Biophysical characterization and molecular phylogeny of human KIN protein

Abstract

The DNA/RNA-binding KIN protein was discovered in 1989, and since then, it has been found to participate in several processes, e.g., as a transcription factor in bacteria, yeasts, and plants, in immunoglobulin isotype switching, and in the repair and resolution of double-strand breaks caused by ionizing radiation. However, the complete three-dimensional structure and biophysical properties of KIN remain important information for clarifying its function and to help elucidate mechanisms associated with it not yet completely understood. The present study provides data on phylogenetic analyses of the different domains, as well as a biophysical characterization of the human KIN protein (HSAKIN) using bioinformatics techniques, circular dichroism spectroscopy, and differential scanning calorimetry to estimate the composition of secondary structure elements; further studies were performed to determine the biophysical parameters ΔHm and Tm.
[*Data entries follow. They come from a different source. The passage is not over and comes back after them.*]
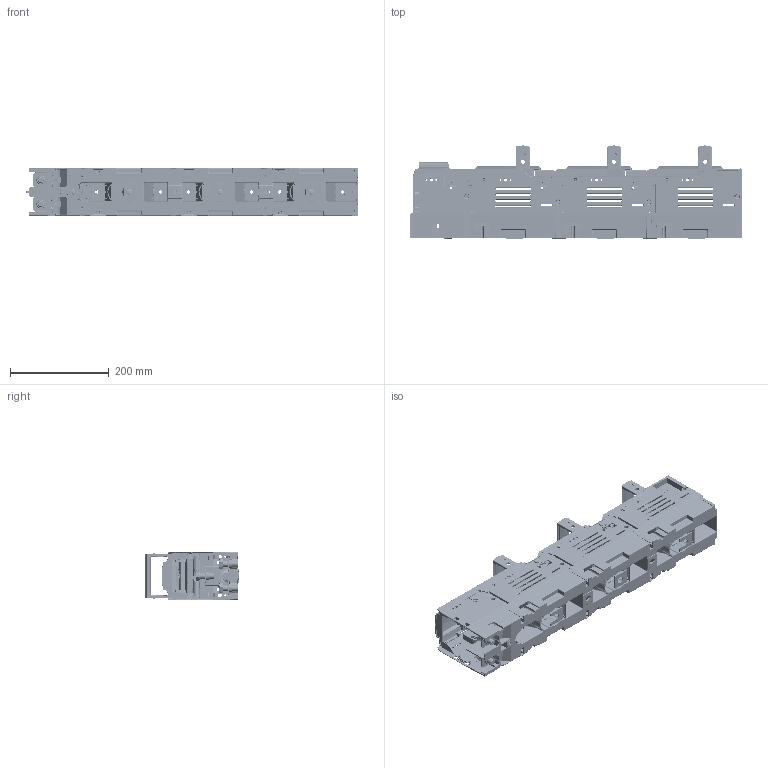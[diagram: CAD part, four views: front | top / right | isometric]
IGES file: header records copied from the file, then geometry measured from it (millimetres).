
Start section: SolidWorks IGES file using analytic representation for surfaces
Global section: file name: U:\14_RD\05_Technical_office\04_Office\Hrdinova\3D modely - IGES\Varius - FSD\FSD123-31-LM.IGS; native system: SolidWorks 2011; preprocessor: SolidWorks 2011; author: adhrja3; date: 170620.122403; units: millimetre
Bounding box: 674 x 189 x 99 mm (x, y, z)
Surface area: 1253469 mm2 (no closed solid volume)
Topology: 0 solids, 0 shells, 10993 faces, 88464 edges, 88251 vertices
Faces by surface type: bspline 6974, revolution 4019
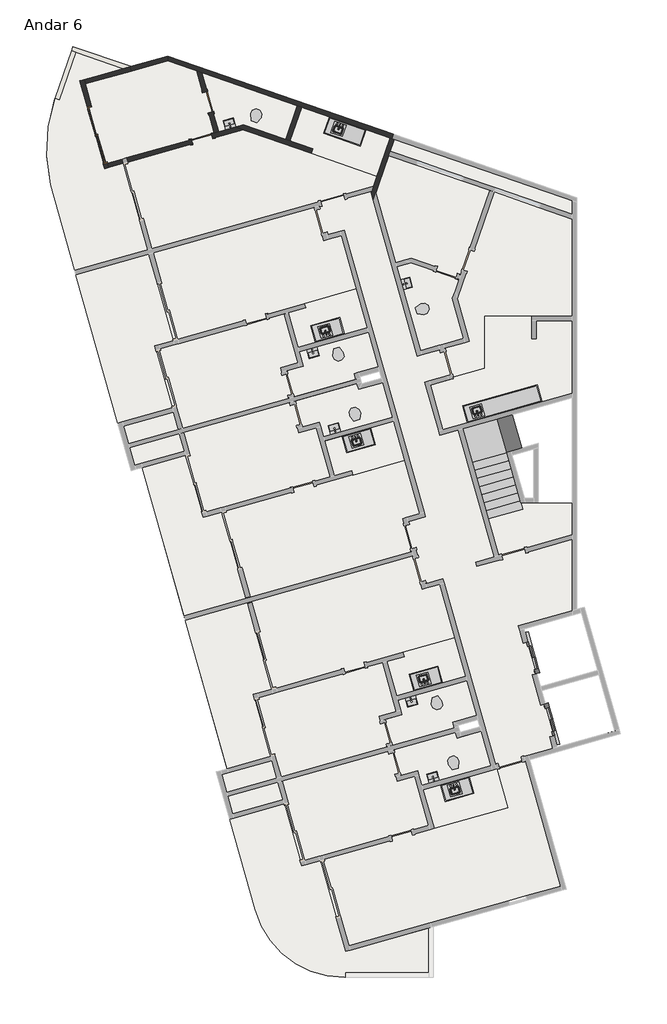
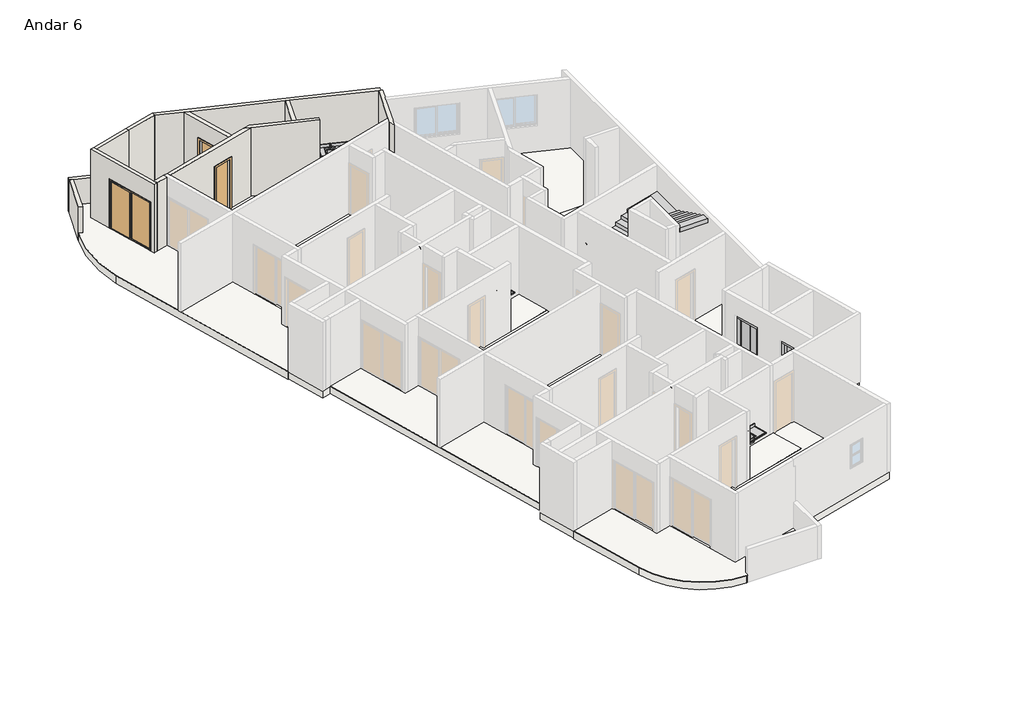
# One storey, part 3 of 3: 18 flow terminals, 18 slabs, 12 walls, 8 proxies, 3 doors, 1 stair flight.
"""IFC4 building model written with IfcOpenShell, lengths in millimetres."""

from ifc_helpers import new_model, si_unit, point, frame, frame_2d, origin, place, context, project, spatial, polyline, circle_curve, trimmed, segment, composite_curve, outline, extrude, faceted_brep, transform, mapped, element, save
from components import specialty_equipment_6c35da8b, specialty_equipment_77dfa124, rf_bancada_cozinha_rf_bancada_cozinha_340fef9f, rf_bancada_cozinha_rf_bancada_cozinha_cfb88ba1, rf_bancada_cozinha_rf_bancada_cozinha_2f873929, rf_bancada_cozinha_rf_bancada_cozinha_798ceddf, p3_70cm_ef4d15e3, p3_70cm_0a698c7c, p4_correr_200cm_eaaa0877, flow_terminal_cab7bae2, flow_terminal_3fb7dc42, flow_terminal_e42b9071, flow_terminal_c6e042c4, ap_01_creme_cr37_13e02e03, ap_01_creme_cr37_5ce6e54d

model = new_model("IFC4")

# Units and contexts
model_context = context("Model", 3, world=origin())
ifc_project = project(units=[si_unit("LENGTHUNIT", "METRE", prefix="MILLI")], contexts=[model_context])

# Site, building, storey
site = spatial("IfcSite", under=ifc_project)
building = spatial("IfcBuilding", under=site)
storey = spatial("IfcBuildingStorey", under=building, Name="Andar 6", Elevation=68150.0)

# Proxies
placement = place(None, origin())
specialty_equipment_shape = specialty_equipment_6c35da8b(model_context)
element("IfcBuildingElementProxy", 1, Name="Porta do elevador : Porta do elevador", ObjectType="Porta do elevador : Porta do elevador", at=placement, inside=storey, context=model_context, shape_type="MappedRepresentation", body=[
    mapped(specialty_equipment_shape, transform((-76594.4337486, 15747.4543727, 68150.0), x_axis=(0.27176796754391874, -0.9623628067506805, 0.0), y_axis=(0.9623628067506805, 0.27176796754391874, 0.0), z_axis=(0.0, 0.0, 1.0))),
])
specialty_equipment_2_shape = specialty_equipment_77dfa124(model_context)
element("IfcBuildingElementProxy", 2, Name="Porta do elevador : Porta do elevador", ObjectType="Porta do elevador : Porta do elevador", at=placement, inside=storey, context=model_context, shape_type="MappedRepresentation", body=[
    mapped(specialty_equipment_2_shape, transform((-75942.1906265, 13437.7836365, 68150.0), x_axis=(-0.27176796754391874, 0.9623628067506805, 0.0), y_axis=(-0.9623628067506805, -0.27176796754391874, 0.0), z_axis=(0.0, 0.0, 1.0))),
])
rf_bancada_cozinha_rf_bancada_cozinha_shape = rf_bancada_cozinha_rf_bancada_cozinha_340fef9f(model_context)
element("IfcBuildingElementProxy", 3, Name="RF_Bancada Cozinha : RF_Bancada Cozinha", ObjectType="RF_Bancada Cozinha : RF_Bancada Cozinha", at=placement, inside=storey, context=model_context, shape_type="MappedRepresentation", body=[
    mapped(rf_bancada_cozinha_rf_bancada_cozinha_shape, transform((-82760.548019, 26451.5820971, 68900.0), x_axis=(-0.9623628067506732, -0.27176796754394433, 0.0), y_axis=(0.27176796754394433, -0.9623628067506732, 0.0), z_axis=(0.0, 0.0, 1.0))),
])
element("IfcBuildingElementProxy", 4, Name="RF_Bancada Cozinha : RF_Bancada Cozinha", ObjectType="RF_Bancada Cozinha : RF_Bancada Cozinha", at=placement, inside=storey, context=model_context, shape_type="MappedRepresentation", body=[
    mapped(rf_bancada_cozinha_rf_bancada_cozinha_shape, transform((-79472.1556117, 14806.9921354, 68900.0), x_axis=(-0.962362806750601, -0.2717679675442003, 0.0), y_axis=(0.2717679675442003, -0.962362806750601, 0.0), z_axis=(0.0, 0.0, 1.0))),
])
rf_bancada_cozinha_rf_bancada_cozinha_2_shape = rf_bancada_cozinha_rf_bancada_cozinha_cfb88ba1(model_context)
element("IfcBuildingElementProxy", 5, Name="RF_Bancada Cozinha : RF_Bancada Cozinha", ObjectType="RF_Bancada Cozinha : RF_Bancada Cozinha", at=placement, inside=storey, context=model_context, shape_type="MappedRepresentation", body=[
    mapped(rf_bancada_cozinha_rf_bancada_cozinha_2_shape, transform((-81877.3021245, 23323.9029751, 68900.0), x_axis=(-0.9623628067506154, -0.27176796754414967, 0.0), y_axis=(0.27176796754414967, -0.9623628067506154, 0.0), z_axis=(0.0, 0.0, 1.0))),
])
element("IfcBuildingElementProxy", 6, Name="RF_Bancada Cozinha : RF_Bancada Cozinha", ObjectType="RF_Bancada Cozinha : RF_Bancada Cozinha", at=placement, inside=storey, context=model_context, shape_type="MappedRepresentation", body=[
    mapped(rf_bancada_cozinha_rf_bancada_cozinha_2_shape, transform((-78588.9097172, 11679.3130134, 68900.0), x_axis=(-0.9623628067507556, -0.27176796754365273, 0.0), y_axis=(0.27176796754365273, -0.9623628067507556, 0.0), z_axis=(0.0, 0.0, 1.0))),
])
rf_bancada_cozinha_rf_bancada_cozinha_3_shape = rf_bancada_cozinha_rf_bancada_cozinha_2f873929(model_context)
element("IfcBuildingElementProxy", 7, Name="RF_Bancada Cozinha : RF_Bancada Cozinha", ObjectType="RF_Bancada Cozinha : RF_Bancada Cozinha", at=placement, inside=storey, context=model_context, shape_type="MappedRepresentation", body=[
    mapped(rf_bancada_cozinha_rf_bancada_cozinha_3_shape, transform((-82030.0326121, 33293.9830661, 68900.0), x_axis=(-0.9449109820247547, 0.32732741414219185, 0.0), y_axis=(-0.32732741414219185, -0.9449109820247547, 0.0), z_axis=(0.0, 0.0, 1.0))),
])
rf_bancada_cozinha_rf_bancada_cozinha_4_shape = rf_bancada_cozinha_rf_bancada_cozinha_798ceddf(model_context)
element("IfcBuildingElementProxy", 8, Name="RF_Bancada Cozinha : RF_Bancada Cozinha", ObjectType="RF_Bancada Cozinha : RF_Bancada Cozinha", at=placement, inside=storey, context=model_context, shape_type="MappedRepresentation", body=[
    mapped(rf_bancada_cozinha_rf_bancada_cozinha_4_shape, transform((-76157.6622331, 24197.9763092, 68900.0), x_axis=(-0.9623628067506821, -0.27176796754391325, 0.0), y_axis=(0.27176796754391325, -0.9623628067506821, 0.0), z_axis=(0.0, 0.0, 1.0))),
])

# Doors
p3_70cm_shape = p3_70cm_ef4d15e3(model_context)
element("IfcDoor", 9, ObjectType="M_Folha única1 : P3 - 70CM", at=placement, inside=storey, context=model_context, shape_type="MappedRepresentation", body=[
    mapped(p3_70cm_shape, transform((-87513.806232, 32980.5300491, 68150.0), x_axis=(0.9623628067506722, 0.2717679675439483, 0.0), y_axis=(-0.2717679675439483, 0.9623628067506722, 0.0), z_axis=(0.0, 0.0, 1.0))),
])
p3_70cm_2_shape = p3_70cm_0a698c7c(model_context)
element("IfcDoor", 10, ObjectType="M_Folha única1 : P3 - 70CM", at=placement, inside=storey, context=model_context, shape_type="MappedRepresentation", body=[
    mapped(p3_70cm_2_shape, transform((-87314.304722, 34205.8663896, 68150.0), x_axis=(-0.2717679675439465, 0.9623628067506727, 0.0), y_axis=(-0.9623628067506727, -0.2717679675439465, 0.0), z_axis=(0.0, 0.0, 1.0))),
])
p4_correr_200cm_shape = p4_correr_200cm_eaaa0877(model_context)
element("IfcDoor", 11, ObjectType="Porta de correr dupla envidraçada sem revestimento : P4 - CORRER - 200CM", at=placement, inside=storey, context=model_context, shape_type="MappedRepresentation", body=[
    mapped(p4_correr_200cm_shape, transform((-91005.8131296, 33111.4415743, 68150.0), x_axis=(0.2717679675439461, -0.9623628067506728, 0.0), y_axis=(0.9623628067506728, 0.2717679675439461, 0.0), z_axis=(0.0, 0.0, 1.0))),
])

# Flow terminals
flow_terminal_shape = flow_terminal_cab7bae2(model_context)
element("IfcFlowTerminal", 12, ObjectType="RF_Pias : Pia da Bancada", at=placement, inside=storey, context=model_context, shape_type="MappedRepresentation", body=[
    mapped(flow_terminal_shape, transform((-83380.5102831, 26570.4992214, 68002.9), x_axis=(-0.9623628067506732, -0.27176796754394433, 0.0), y_axis=(0.27176796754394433, -0.9623628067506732, 0.0), z_axis=(0.0, 0.0, 1.0))),
])
element("IfcFlowTerminal", 13, ObjectType="RF_Pias : Pia da Bancada", at=placement, inside=storey, context=model_context, shape_type="MappedRepresentation", body=[
    mapped(flow_terminal_shape, transform((-80092.1178758, 14925.9092597, 68002.9), x_axis=(-0.962362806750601, -0.2717679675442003, 0.0), y_axis=(0.2717679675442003, -0.962362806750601, 0.0), z_axis=(0.0, 0.0, 1.0))),
])
element("IfcFlowTerminal", 14, ObjectType="RF_Pias : Pia da Bancada", at=placement, inside=storey, context=model_context, shape_type="MappedRepresentation", body=[
    mapped(flow_terminal_shape, transform((-78306.8185143, 23885.0542694, 68002.9), x_axis=(-0.9623628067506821, -0.27176796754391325, 0.0), y_axis=(0.27176796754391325, -0.9623628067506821, 0.0), z_axis=(0.0, 0.0, 1.0))),
])
flow_terminal_2_shape = flow_terminal_3fb7dc42(model_context)
element("IfcFlowTerminal", 15, ObjectType="Deca_Cuba de Apoio Retangular_L7300 : L.7300.17_Branco Gelo GE17", at=placement, inside=storey, context=model_context, shape_type="MappedRepresentation", body=[
    mapped(flow_terminal_2_shape, transform((-83090.0822283, 23308.7374016, 68900.0), x_axis=(-0.9623628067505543, -0.2717679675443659, 0.0), y_axis=(0.2717679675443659, -0.9623628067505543, 0.0), z_axis=(0.0, 0.0, 1.0))),
])
element("IfcFlowTerminal", 16, ObjectType="Deca_Cuba de Apoio Retangular_L7300 : L.7300.17_Branco Gelo GE17", at=placement, inside=storey, context=model_context, shape_type="MappedRepresentation", body=[
    mapped(flow_terminal_2_shape, transform((-79801.689821, 11664.1474399, 68900.0), x_axis=(-0.9623628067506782, -0.2717679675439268, 0.0), y_axis=(0.2717679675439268, -0.9623628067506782, 0.0), z_axis=(0.0, 0.0, 1.0))),
])
element("IfcFlowTerminal", 17, ObjectType="Deca_Cuba de Apoio Retangular_L7300 : L.7300.17_Branco Gelo GE17", at=placement, inside=storey, context=model_context, shape_type="MappedRepresentation", body=[
    mapped(flow_terminal_2_shape, transform((-80677.0991462, 28154.8020678, 68900.0), x_axis=(-0.2717679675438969, 0.9623628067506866, 0.0), y_axis=(-0.9623628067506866, -0.2717679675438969, 0.0), z_axis=(0.0, 0.0, 1.0))),
])
element("IfcFlowTerminal", 18, ObjectType="Deca_Cuba de Apoio Retangular_L7300 : L.7300.17_Branco Gelo GE17", at=placement, inside=storey, context=model_context, shape_type="MappedRepresentation", body=[
    mapped(flow_terminal_2_shape, transform((-86597.4204814, 33488.7004496, 68900.0), x_axis=(-0.9623628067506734, -0.27176796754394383, 0.0), y_axis=(0.27176796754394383, -0.9623628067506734, 0.0), z_axis=(0.0, 0.0, 1.0))),
])
flow_terminal_3_shape = flow_terminal_e42b9071(model_context)
element("IfcFlowTerminal", 19, ObjectType="Deca_Cuba de Apoio Retangular_L7300 : L.7300.17_Branco Gelo GE17", at=placement, inside=storey, context=model_context, shape_type="MappedRepresentation", body=[
    mapped(flow_terminal_3_shape, transform((-83802.1143033, 25830.1279553, 68900.0), x_axis=(-0.9623628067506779, -0.2717679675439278, 0.0), y_axis=(0.2717679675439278, -0.9623628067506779, 0.0), z_axis=(0.0, 0.0, 1.0))),
])
element("IfcFlowTerminal", 20, ObjectType="Deca_Cuba de Apoio Retangular_L7300 : L.7300.17_Branco Gelo GE17", at=placement, inside=storey, context=model_context, shape_type="MappedRepresentation", body=[
    mapped(flow_terminal_3_shape, transform((-80513.721896, 14185.5379936, 68900.0), x_axis=(-0.962362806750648, -0.27176796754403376, 0.0), y_axis=(0.27176796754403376, -0.962362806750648, 0.0), z_axis=(0.0, 0.0, 1.0))),
])
flow_terminal_4_shape = flow_terminal_c6e042c4(model_context)
element("IfcFlowTerminal", 21, ObjectType="RF_Pias : Pia da Bancada", at=placement, inside=storey, context=model_context, shape_type="MappedRepresentation", body=[
    mapped(flow_terminal_4_shape, transform((-82343.483233, 22898.2626745, 68002.9), x_axis=(-0.9623628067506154, -0.27176796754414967, 0.0), y_axis=(0.27176796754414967, -0.9623628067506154, 0.0), z_axis=(0.0, 0.0, 1.0))),
])
element("IfcFlowTerminal", 22, ObjectType="RF_Pias : Pia da Bancada", at=placement, inside=storey, context=model_context, shape_type="MappedRepresentation", body=[
    mapped(flow_terminal_4_shape, transform((-79055.0908257, 11253.6727129, 68002.9), x_axis=(-0.9623628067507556, -0.27176796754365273, 0.0), y_axis=(0.27176796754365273, -0.9623628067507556, 0.0), z_axis=(0.0, 0.0, 1.0))),
])
element("IfcFlowTerminal", 23, ObjectType="RF_Pias : Pia da Bancada", at=placement, inside=storey, context=model_context, shape_type="MappedRepresentation", body=[
    mapped(flow_terminal_4_shape, transform((-82939.3392028, 33309.5545572, 68002.9), x_axis=(-0.9449109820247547, 0.32732741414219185, 0.0), y_axis=(-0.32732741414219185, -0.9449109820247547, 0.0), z_axis=(0.0, 0.0, 1.0))),
])
ap_01_creme_cr37_shape = ap_01_creme_cr37_13e02e03(model_context)
element("IfcFlowTerminal", 24, ObjectType="Deca_Shared_Assento_P.900 : AP.01_Creme CR37", at=placement, inside=storey, context=model_context, shape_type="MappedRepresentation", body=[
    mapped(ap_01_creme_cr37_shape, transform((-83017.5301151, 25983.4740486, 68537.8723674), x_axis=(0.9623628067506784, 0.2717679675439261, 0.0), y_axis=(0.0, 0.0, 1.0), z_axis=(0.2717679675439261, -0.9623628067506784, 0.0))),
])
element("IfcFlowTerminal", 25, ObjectType="Deca_Shared_Assento_P.900 : AP.01_Creme CR37", at=placement, inside=storey, context=model_context, shape_type="MappedRepresentation", body=[
    mapped(ap_01_creme_cr37_shape, transform((-79729.1377078, 14338.8840869, 68537.8723674), x_axis=(0.962362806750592, 0.2717679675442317, 0.0), y_axis=(0.0, 0.0, 1.0), z_axis=(0.2717679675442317, -0.962362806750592, 0.0))),
])
element("IfcFlowTerminal", 26, ObjectType="Deca_Shared_Assento_P.900 : AP.01_Creme CR37", at=placement, inside=storey, context=model_context, shape_type="MappedRepresentation", body=[
    mapped(ap_01_creme_cr37_shape, transform((-80349.5164684, 27236.3600819, 68537.8723674), x_axis=(-0.271767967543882, 0.9623628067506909, 0.0), y_axis=(0.0, 0.0, 1.0), z_axis=(0.9623628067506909, 0.271767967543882, 0.0))),
])
element("IfcFlowTerminal", 27, ObjectType="Deca_Shared_Assento_P.900 : AP.01_Creme CR37", at=placement, inside=storey, context=model_context, shape_type="MappedRepresentation", body=[
    mapped(ap_01_creme_cr37_shape, transform((-85777.8760768, 33566.4131555, 68537.8723674), x_axis=(-0.9449109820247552, 0.3273274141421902, 0.0), y_axis=(0.0, 0.0, 1.0000000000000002), z_axis=(0.3273274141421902, 0.9449109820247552, 0.0))),
])
ap_01_creme_cr37_2_shape = ap_01_creme_cr37_5ce6e54d(model_context)
element("IfcFlowTerminal", 28, ObjectType="Deca_Shared_Assento_P.900 : AP.01_Creme CR37", at=placement, inside=storey, context=model_context, shape_type="MappedRepresentation", body=[
    mapped(ap_01_creme_cr37_2_shape, transform((-82341.1813229, 23588.4422577, 68537.8723674), x_axis=(0.9623628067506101, 0.27176796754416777, 0.0), y_axis=(0.0, 0.0, -1.0), z_axis=(-0.27176796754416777, 0.9623628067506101, 0.0))),
])
element("IfcFlowTerminal", 29, ObjectType="Deca_Shared_Assento_P.900 : AP.01_Creme CR37", at=placement, inside=storey, context=model_context, shape_type="MappedRepresentation", body=[
    mapped(ap_01_creme_cr37_2_shape, transform((-79052.7889156, 11943.852296, 68537.8723674), x_axis=(0.9623628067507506, 0.2717679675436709, 0.0), y_axis=(0.0, 0.0, -1.0000000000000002), z_axis=(-0.2717679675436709, 0.9623628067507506, 0.0))),
])

# Slabs
element("IfcSlab", 30, ObjectType="TZ_Piso de Áreas Molhadas", at=placement, inside=storey, context=model_context, shape_type="SweptSolid", body=[
    extrude(outline(composite_curve([segment(polyline([(-90765.4571774, 31984.341749), (-90143.7425806, 32159.9118263), (-89328.438678, 29272.823406), (-91766.0080564, 28584.4621444), (-92573.2320087, 31442.9384962)]), True, "CONTINUOUS"), segment(trimmed(circle_curve(frame_2d((-87414.5556743, 32622.5665107)), 5291.829908), [point((-92573.2320087, 31442.9384962))], [point((-92422.0860726, 34333.7366032))], False, "CARTESIAN"), True, "CONTINUOUS"), segment(polyline([(-92422.0860726, 34333.7366032), (-92280.2794148, 34284.6132387), (-91729.7010481, 35873.9929322), (-90151.0501028, 35327.1311202), (-91594.3494784, 34919.5483093), (-90765.4571774, 31984.341749)]), True, "CONTINUOUS")], self_intersect=False)), frame((0.0, 0.0, 68150.0), z_axis=(0.0, 0.0, 1.0), x_axis=(1.0, 0.0, 0.0)), (0.0, 0.0, 1.0), 20.0),
])
element("IfcSlab", 31, ObjectType="TZ_Piso de Áreas Molhadas", at=placement, inside=storey, context=model_context, shape_type="SweptSolid", body=[
    extrude(outline(polyline([(-88472.3695802, 26241.3805647), (-89094.084177, 26065.8104874), (-88509.7830468, 23996.7304529), (-90325.6378284, 23483.9392686), (-91725.2428613, 28440.1077234), (-89287.6734828, 29128.468985), (-88472.3695802, 26241.3805647)])), frame((0.0, 0.0, 68150.0), z_axis=(0.0, 0.0, 1.0), x_axis=(1.0, 0.0, 0.0)), (0.0, 0.0, 1.0), 20.0),
])
element("IfcSlab", 32, ObjectType="TZ_Piso de Áreas Molhadas", at=placement, inside=storey, context=model_context, shape_type="SweptSolid", body=[
    extrude(outline(polyline([(-86855.3501733, 20515.3218645), (-86040.0462707, 17628.2334443), (-88109.1263052, 17043.9323141), (-89508.731338, 22000.1007688), (-88061.3659003, 22408.8318218), (-87477.0647701, 20339.7517872), (-86855.3501733, 20515.3218645)])), frame((0.0, 0.0, 68150.0), z_axis=(0.0, 0.0, 1.0), x_axis=(1.0, 0.0, 0.0)), (0.0, 0.0, 1.0), 20.0),
])
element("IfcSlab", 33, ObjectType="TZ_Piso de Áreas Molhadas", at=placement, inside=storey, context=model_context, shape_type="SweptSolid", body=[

The phylogenetic analysis indicated that the zinc-finger and winged helix domains are highly conserved in KIN, with mean identity of 90.37% and 65.36%, respectively. The KOW motif was conserved only among the higher eukaryotes, indicating that this motif emerged later on the evolutionary timescale. HSAKIN has more than 50% of its secondary structure composed by random coil and β-turns. The highest values of ΔHm and Tm were found at pH 7.4 suggesting a stable structure at physiological conditions. The characteristics found for HSAKIN are primarily due to its relatively low composition of α-helices and β-strands, making up less than half of the protein structure.